Required action — Skip the images and restate every line of the records exactly.

Dataset content section start

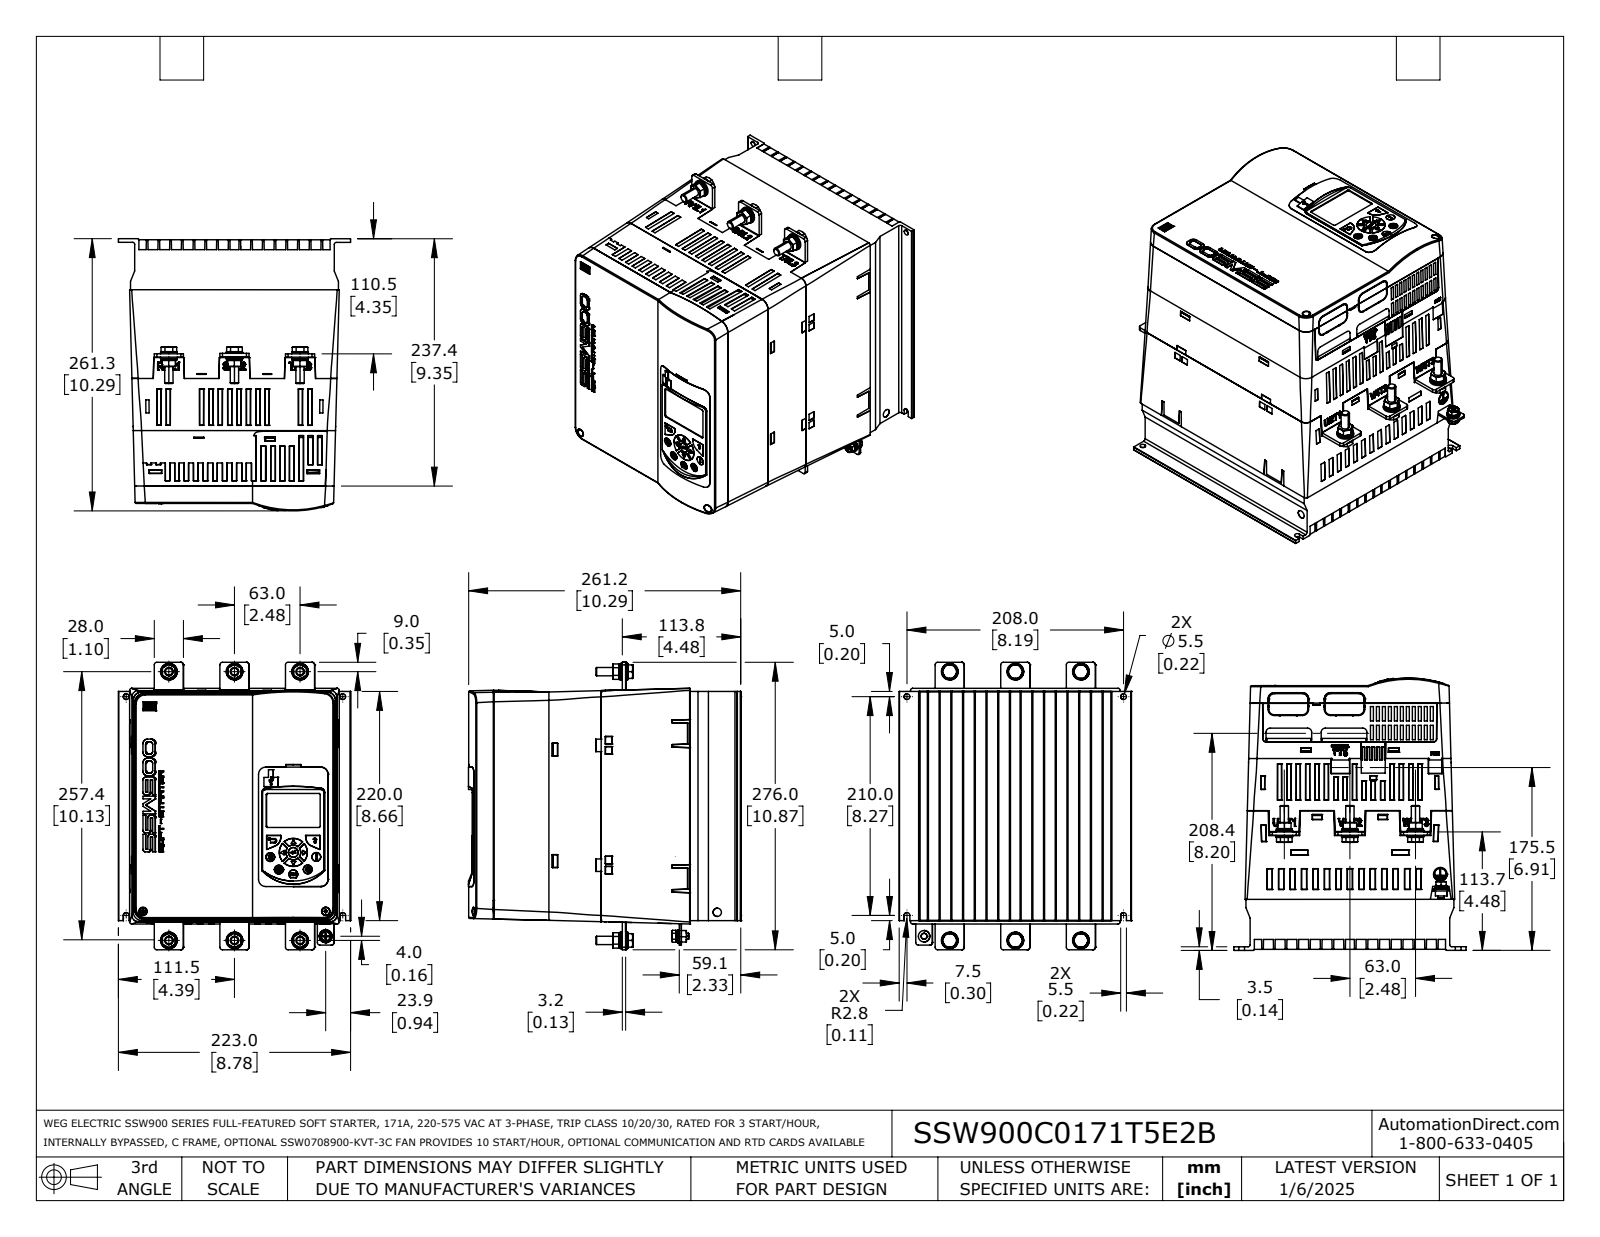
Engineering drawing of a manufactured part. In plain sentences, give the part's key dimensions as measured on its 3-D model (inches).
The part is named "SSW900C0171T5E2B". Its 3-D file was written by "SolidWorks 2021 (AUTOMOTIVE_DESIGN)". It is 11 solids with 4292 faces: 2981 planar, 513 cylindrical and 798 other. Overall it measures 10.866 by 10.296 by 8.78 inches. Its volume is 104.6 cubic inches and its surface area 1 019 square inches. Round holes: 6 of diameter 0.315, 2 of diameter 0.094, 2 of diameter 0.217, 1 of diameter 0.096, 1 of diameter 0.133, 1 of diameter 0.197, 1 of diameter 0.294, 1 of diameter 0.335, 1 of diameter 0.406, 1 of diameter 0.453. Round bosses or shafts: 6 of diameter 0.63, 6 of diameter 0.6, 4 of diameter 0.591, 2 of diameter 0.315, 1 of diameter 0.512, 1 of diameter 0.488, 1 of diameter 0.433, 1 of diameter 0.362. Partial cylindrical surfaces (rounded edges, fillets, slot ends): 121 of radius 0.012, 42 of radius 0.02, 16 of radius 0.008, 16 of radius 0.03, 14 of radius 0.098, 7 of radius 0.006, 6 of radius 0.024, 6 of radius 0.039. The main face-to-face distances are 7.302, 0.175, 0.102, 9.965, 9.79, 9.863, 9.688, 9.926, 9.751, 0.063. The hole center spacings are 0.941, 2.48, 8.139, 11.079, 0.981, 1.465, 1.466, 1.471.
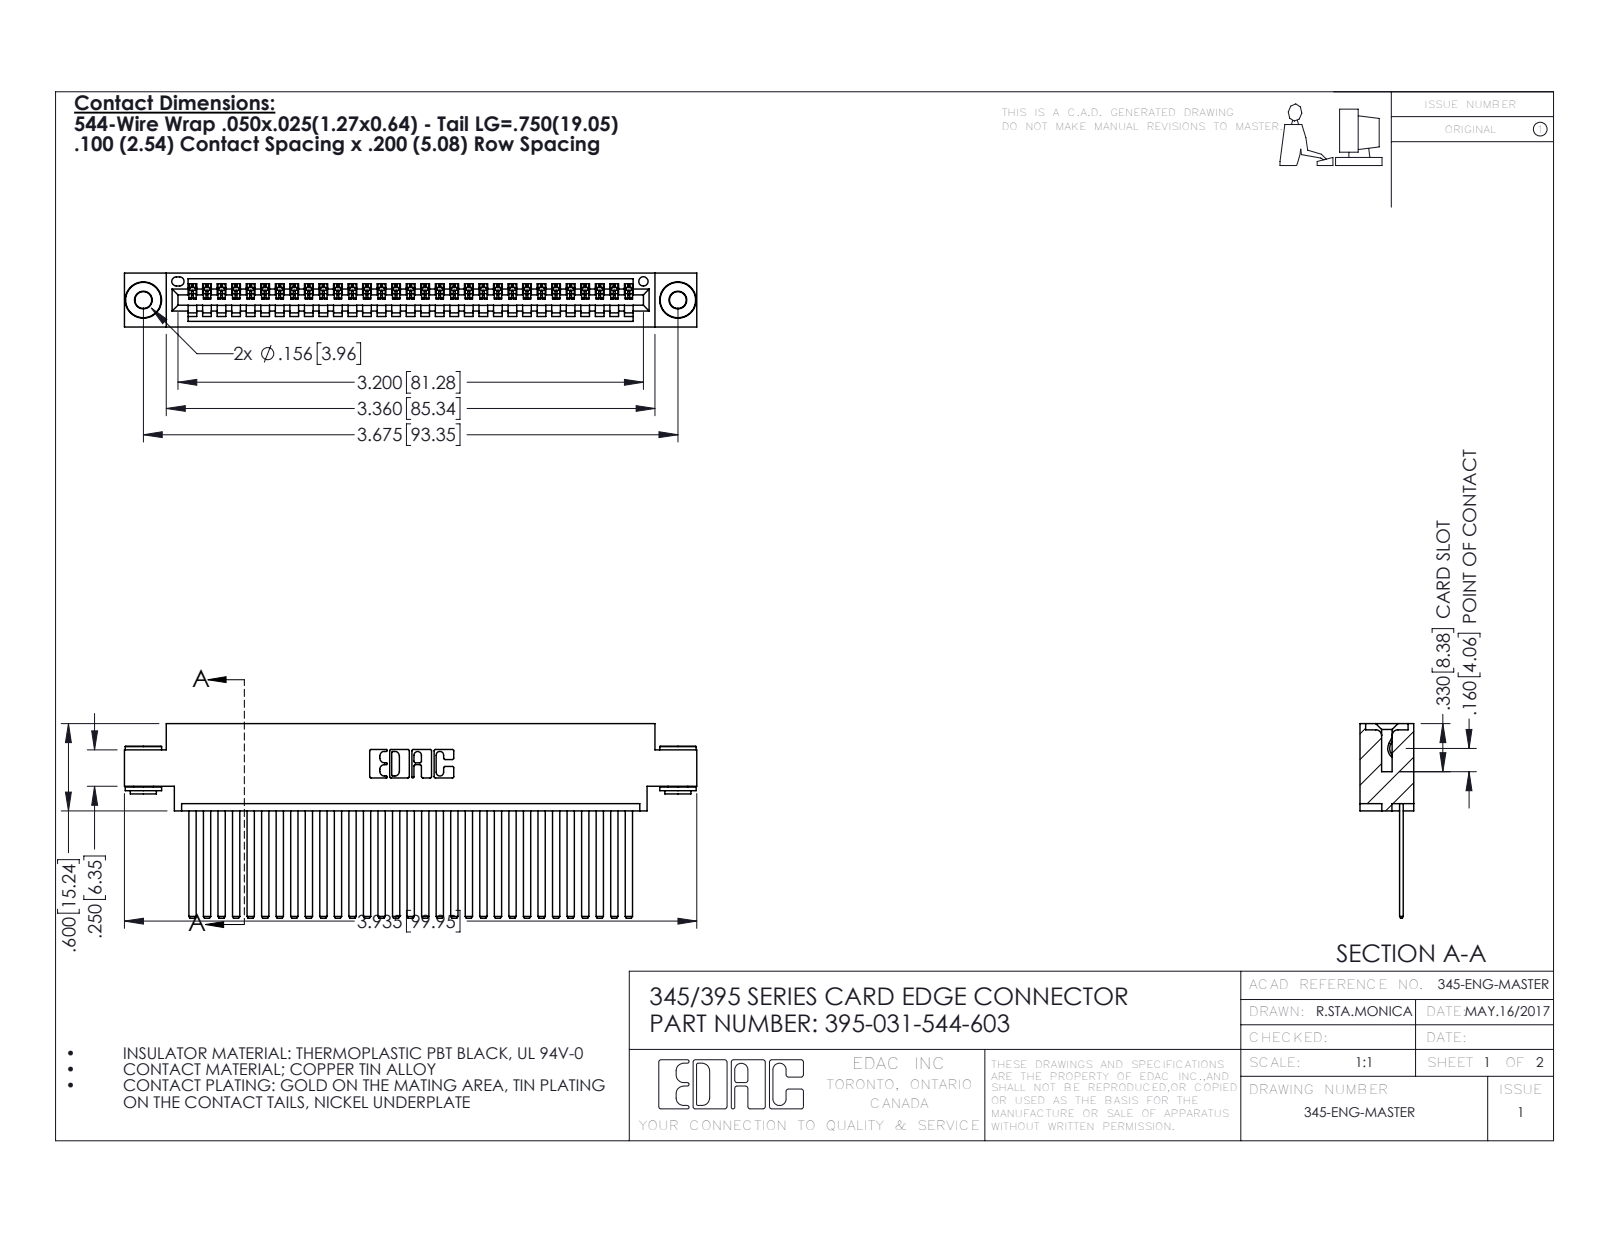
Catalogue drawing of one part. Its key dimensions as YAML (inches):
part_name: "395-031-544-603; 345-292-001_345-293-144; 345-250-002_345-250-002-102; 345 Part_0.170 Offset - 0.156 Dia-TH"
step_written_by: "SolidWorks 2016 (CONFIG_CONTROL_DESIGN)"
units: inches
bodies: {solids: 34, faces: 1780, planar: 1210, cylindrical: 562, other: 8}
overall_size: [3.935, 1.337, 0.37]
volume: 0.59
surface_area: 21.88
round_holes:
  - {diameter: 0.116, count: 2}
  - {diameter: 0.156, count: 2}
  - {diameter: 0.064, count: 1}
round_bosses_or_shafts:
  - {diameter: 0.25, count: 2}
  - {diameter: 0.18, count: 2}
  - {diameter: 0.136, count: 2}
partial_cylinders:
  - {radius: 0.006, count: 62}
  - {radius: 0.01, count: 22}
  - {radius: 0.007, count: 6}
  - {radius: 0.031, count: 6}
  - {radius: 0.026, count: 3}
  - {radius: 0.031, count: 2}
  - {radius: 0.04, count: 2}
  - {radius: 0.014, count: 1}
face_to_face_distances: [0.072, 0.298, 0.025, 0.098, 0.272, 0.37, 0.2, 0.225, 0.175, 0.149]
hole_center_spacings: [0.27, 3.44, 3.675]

Dataset content section end

Response —
Engineering drawing of a manufactured part. In plain sentences, give the part's key dimensions as measured on its 3-D model (inches).
The part is named "SSW900C0171T5E2B". Its 3-D file was written by "SolidWorks 2021 (AUTOMOTIVE_DESIGN)". It is 11 solids with 4292 faces: 2981 planar, 513 cylindrical and 798 other. Overall it measures 10.866 by 10.296 by 8.78 inches. Its volume is 104.6 cubic inches and its surface area 1 019 square inches. Round holes: 6 of diameter 0.315, 2 of diameter 0.094, 2 of diameter 0.217, 1 of diameter 0.096, 1 of diameter 0.133, 1 of diameter 0.197, 1 of diameter 0.294, 1 of diameter 0.335, 1 of diameter 0.406, 1 of diameter 0.453. Round bosses or shafts: 6 of diameter 0.63, 6 of diameter 0.6, 4 of diameter 0.591, 2 of diameter 0.315, 1 of diameter 0.512, 1 of diameter 0.488, 1 of diameter 0.433, 1 of diameter 0.362. Partial cylindrical surfaces (rounded edges, fillets, slot ends): 121 of radius 0.012, 42 of radius 0.02, 16 of radius 0.008, 16 of radius 0.03, 14 of radius 0.098, 7 of radius 0.006, 6 of radius 0.024, 6 of radius 0.039. The main face-to-face distances are 7.302, 0.175, 0.102, 9.965, 9.79, 9.863, 9.688, 9.926, 9.751, 0.063. The hole center spacings are 0.941, 2.48, 8.139, 11.079, 0.981, 1.465, 1.466, 1.471.
Catalogue drawing of one part. Its key dimensions as YAML (inches):
part_name: "395-031-544-603; 345-292-001_345-293-144; 345-250-002_345-250-002-102; 345 Part_0.170 Offset - 0.156 Dia-TH"
step_written_by: "SolidWorks 2016 (CONFIG_CONTROL_DESIGN)"
units: inches
bodies: {solids: 34, faces: 1780, planar: 1210, cylindrical: 562, other: 8}
overall_size: [3.935, 1.337, 0.37]
volume: 0.59
surface_area: 21.88
round_holes:
  - {diameter: 0.116, count: 2}
  - {diameter: 0.156, count: 2}
  - {diameter: 0.064, count: 1}
round_bosses_or_shafts:
  - {diameter: 0.25, count: 2}
  - {diameter: 0.18, count: 2}
  - {diameter: 0.136, count: 2}
partial_cylinders:
  - {radius: 0.006, count: 62}
  - {radius: 0.01, count: 22}
  - {radius: 0.007, count: 6}
  - {radius: 0.031, count: 6}
  - {radius: 0.026, count: 3}
  - {radius: 0.031, count: 2}
  - {radius: 0.04, count: 2}
  - {radius: 0.014, count: 1}
face_to_face_distances: [0.072, 0.298, 0.025, 0.098, 0.272, 0.37, 0.2, 0.225, 0.175, 0.149]
hole_center_spacings: [0.27, 3.44, 3.675]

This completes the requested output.